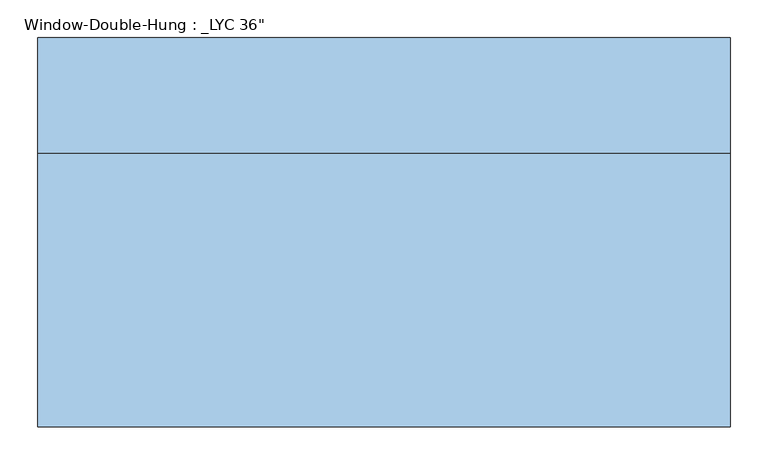
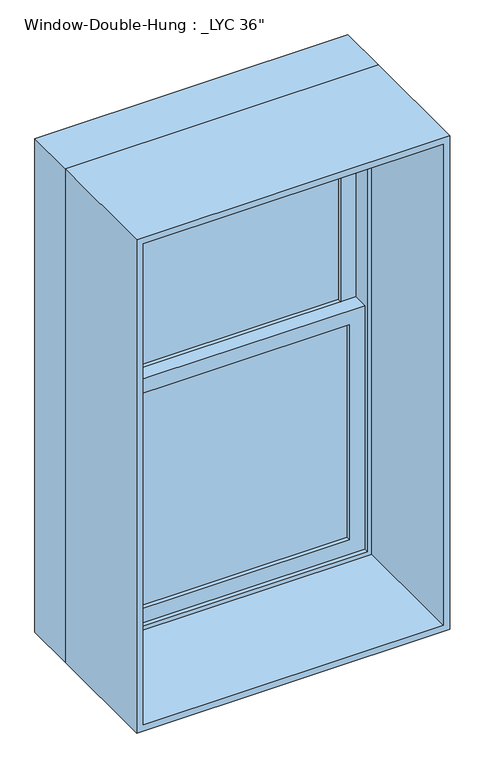
"""IFC4 building model written with IfcOpenShell, lengths in millimetres: window geometry."""

from ifc_helpers import new_model, si_unit, frame, origin, place, context, project, spatial, polyline, outline, extrude, source, transform, mapped, element, save


def window_79efe5ba(model_context):
    return source(origin(), model_context, "Body", "SweptSolid", [
        extrude(outline(polyline([(381.0, 158.75), (381.0, 152.4), (-381.0, 152.4), (-381.0, 158.75), (381.0, 158.75)])), frame((0.0, 0.0, 990.6), z_axis=(0.0, 0.0, 1.0), x_axis=(1.0, 0.0, 0.0)), (0.0, 0.0, 1.0), 663.575),
        extrude(outline(polyline([(-381.0, 146.05), (381.0, 146.05), (381.0, 139.7), (-381.0, 139.7), (-381.0, 146.05)])), frame((0.0, 0.0, 990.6), z_axis=(0.0, 0.0, 1.0), x_axis=(1.0, 0.0, 0.0)), (0.0, 0.0, 1.0), 663.575),
        extrude(outline(polyline([(381.0, 203.2), (381.0, 196.85), (-381.0, 196.85), (-381.0, 203.2), (381.0, 203.2)])), frame((0.0, 0.0, 1698.625), z_axis=(0.0, 0.0, 1.0), x_axis=(1.0, 0.0, 0.0)), (0.0, 0.0, 1.0), 663.575),
        extrude(outline(polyline([(-381.0, 190.5), (381.0, 190.5), (381.0, 184.15), (-381.0, 184.15), (-381.0, 190.5)])), frame((0.0, 0.0, 1698.625), z_axis=(0.0, 0.0, 1.0), x_axis=(1.0, 0.0, 0.0)), (0.0, 0.0, 1.0), 663.575),
        extrude(outline(polyline([(1698.625, -425.45), (946.15, -425.45), (946.15, 425.45), (1698.625, 425.45), (1698.625, -425.45)]), holes=[polyline([(1654.175, 381.0), (990.6, 381.0), (990.6, -381.0), (1654.175, -381.0), (1654.175, 381.0)])]), frame((0.0, 127.0, 0.0), z_axis=(0.0, 1.0, 0.0), x_axis=(0.0, 0.0, 1.0)), (0.0, 0.0, 1.0), 44.45),
        extrude(outline(polyline([(2406.65, -425.45), (1654.175, -425.45), (1654.175, 425.45), (2406.65, 425.45), (2406.65, -425.45)]), holes=[polyline([(2362.2, 381.0), (1698.625, 381.0), (1698.625, -381.0), (2362.2, -381.0), (2362.2, 381.0)])]), frame((0.0, 171.45, 0.0), z_axis=(0.0, 1.0, 0.0), x_axis=(0.0, 0.0, 1.0)), (0.0, 0.0, 1.0), 44.45),
        extrude(outline(polyline([(2438.4, -457.2), (914.4, -457.2), (914.4, 457.2), (2438.4, 457.2), (2438.4, -457.2)]), holes=[polyline([(2406.65, 425.45), (946.15, 425.45), (946.15, -425.45), (2406.65, -425.45), (2406.65, 425.45)])]), frame((0.0, 114.3, 0.0), z_axis=(0.0, 1.0, 0.0), x_axis=(0.0, 0.0, 1.0)), (0.0, 0.0, 1.0), 152.4),
        extrude(outline(polyline([(2438.4, 457.2), (2438.4, -457.2), (914.4, -457.2), (914.4, 457.2), (2438.4, 457.2)]), holes=[polyline([(2419.35, 438.15), (933.45, 438.15), (933.45, -438.15), (2419.35, -438.15), (2419.35, 438.15)])]), frame((0.0, -247.65, 0.0), z_axis=(0.0, 1.0, 0.0), x_axis=(0.0, 0.0, 1.0)), (0.0, 0.0, 1.0), 361.95),
    ])


if __name__ == "__main__":
    model = new_model("IFC4")
    model_context = context("Model", 3, world=origin())
    ifc_project = project(units=[si_unit("LENGTHUNIT", "METRE", prefix="MILLI")], contexts=[model_context])
    site = spatial("IfcSite", under=ifc_project)
    building = spatial("IfcBuilding", under=site)
    placement = place(None, origin())
    window_shape = window_79efe5ba(model_context)
    element("IfcWindow", 1, ObjectType="Window-Double-Hung : _LYC 36\"", at=placement, inside=building, context=model_context, shape_type="MappedRepresentation", body=[
        mapped(window_shape, transform((0.0, 0.0, 0.0), x_axis=(1.0, 0.0, 0.0), y_axis=(0.0, 1.0, 0.0), z_axis=(0.0, 0.0, 1.0))),
    ])
    save(model, "model.ifc")

# Revit data of these elements
# Type "Window-Double-Hung : _LYC 36\""
#   Type Mark = "20"
#   Fire Rating = "0.5h"
#   Assembly Code = "B2020100"
#   Wall Thickness [instance default] = 0' - 6"
#   Visual Light Transmittance = 0.9
#   Thermal Resistance (R) = 1.8146 (h·ft²·°F)/BTU
#   Solar Heat Gain Coefficient = 0.78
#   Rough Width = 3' - 0 1/2"
#   Rough Height = 5' - 0 1/2"
#   Muntin Width = 2' - 6"
#   Muntin Height = 2' - 2 1/8"
#   Interior Wall Closure [instance default] = 0' - 1 1/2"
#   Heat Transfer Coefficient (U) = 0.6496 BTU/(h·ft²·°F)
#   Frame Extension [instance default] = 0' - 2"
#   Exterior Wall Closure [instance default] = 0' - 0 1/2"
#   Extension Jamb [instance default] = 0' - 0 3/4"
#   Height = 5' - 0"
#   Width = 3' - 0"
#   Window Inset [instance default] = 0' - 0 3/4"
#   Top Muntin Visibility = yes
#   Interior Trim Visibility [instance default] = yes
#   Indicator Visibility [instance default] = yes
#   Exterior Trim Visibility [instance default] = yes
#   Extension Jamb Visibility [instance default] = yes
#   Define Thermal Properties by = 1
#   Bottom Muntin Visibility = yes
#   Muntin Pattern = Muntin Pattern_2x2 : Muntin Pattern_2x2
#   Interior Trim Material = Wood - Stained
#   Interior Trim = Trim-Window-Interior-Flat : Picture Frame
#   Interior Frame Material = Wood - Stained
#   Glass Panel Material = Glass
#   Exterior Trim Material = Clad - White
#   Exterior Trim = Trim-Window-Exterior-Flat : with Sill
#   Exterior Frame Material = Clad - White
#   Construction Type Id = ""
#   Wall Closure = (empty or 0)
#   Analytic Construction = (empty or 0)
# Element 1 (IfcWindow, "Window-Double-Hung : _LYC 36\"")
#   Wall Thickness = 1' - 7 1/2"
#   Extension Jamb = 1' - 2 1/4"
#   Materials on its faces: "Wood - Stained", "Glass", "Clad - White"
# Materials
#   "Wood - Stained": class "Wood", colour RGB 224 178 126, transparency 0, Cost = 0
#   "Glass": class "Unassigned", colour RGB 0 128 192, transparency 0.75
#   "Clad - White": class "Wood", colour RGB 242 242 238, transparency 0, Cost = 0
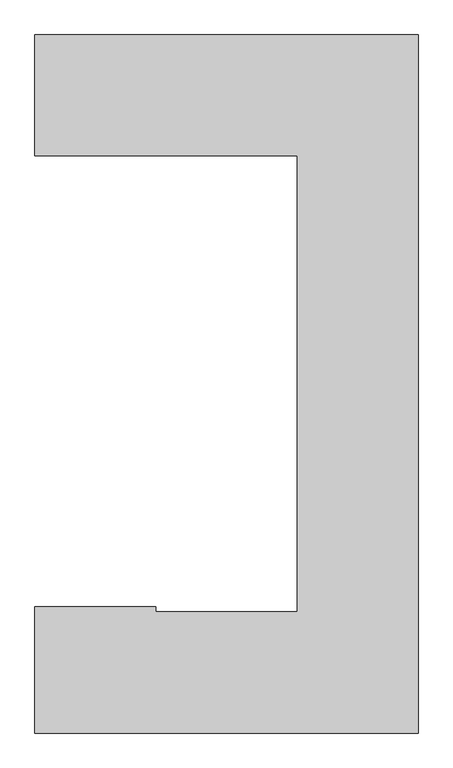
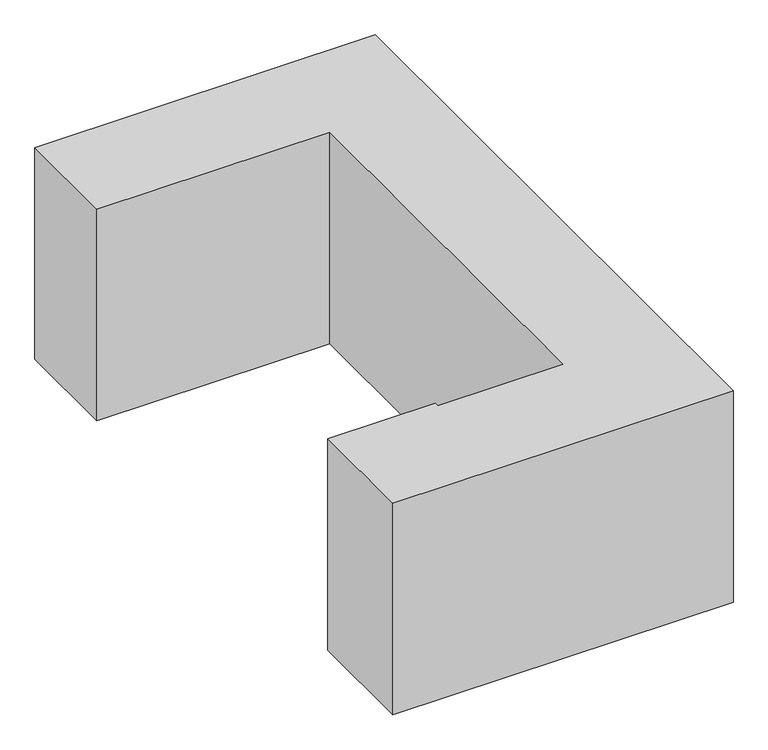
"""IFC4 building model written with IfcOpenShell, lengths in millimetres: proxy geometry, 0_3d_modell."""

from ifc_helpers import new_model, si_unit, origin, origin_with_axes, place, context, project, spatial, polyline, outline, extrude, source, transform, mapped, element, save


def generic_models_6dfd55e4(model_context):
    return source(origin(), model_context, "Body", "SweptSolid", [
        extrude(outline(polyline([(3800.0, 6925.0), (3800.0, 0.0), (0.0, 0.0), (0.0, 1255.0837476), (1198.7770373, 1255.0033532), (1198.7770373, 1205.0), (2600.0, 1205.0), (2600.0, 5725.0), (0.0, 5725.0), (0.0, 6925.0), (3800.0, 6925.0)])), origin_with_axes(), (0.0, 0.0, 1.0), 2500.0),
    ])


if __name__ == "__main__":
    model = new_model("IFC4")
    model_context = context("Model", 3, world=origin())
    ifc_project = project(units=[si_unit("LENGTHUNIT", "METRE", prefix="MILLI")], contexts=[model_context])
    site = spatial("IfcSite", under=ifc_project)
    building = spatial("IfcBuilding", under=site)
    placement = place(None, origin())
    generic_models_shape = generic_models_6dfd55e4(model_context)
    element("IfcBuildingElementProxy", 1, Name="0_3d_modell", ObjectType="0_3d_modell", at=placement, inside=building, context=model_context, shape_type="MappedRepresentation", body=[
        mapped(generic_models_shape, transform((0.0, 0.0, 0.0), x_axis=(1.0, 0.0, 0.0), y_axis=(0.0, 1.0, 0.0), z_axis=(0.0, 0.0, 1.0))),
    ])
    save(model, "model.ifc")

# Revit data of these elements
# Element 1 (IfcBuildingElementProxy, "0_3d_modell")
#   Materials on its faces: "*1"
# Materials
#   "*1": class "Unassigned", colour RGB 175 175 175, transparency 0

| YOUR ASSIGNMENT |
Reproduce exactly the lines above from the line with "Indicator Visibility [instance default] = yes" to the line with "Trim Material = Wood - Stained", including both, and add nothing.

| EXPECTED OUTPUT |
#   Indicator Visibility [instance default] = yes
#   Exterior Trim Visibility [instance default] = yes
#   Extension Jamb Visibility [instance default] = yes
#   Define Thermal Properties by = 1
#   Bottom Muntin Visibility = yes
#   Muntin Pattern = Muntin Pattern_2x2 : Muntin Pattern_2x2
#   Interior Trim Material = Wood - Stained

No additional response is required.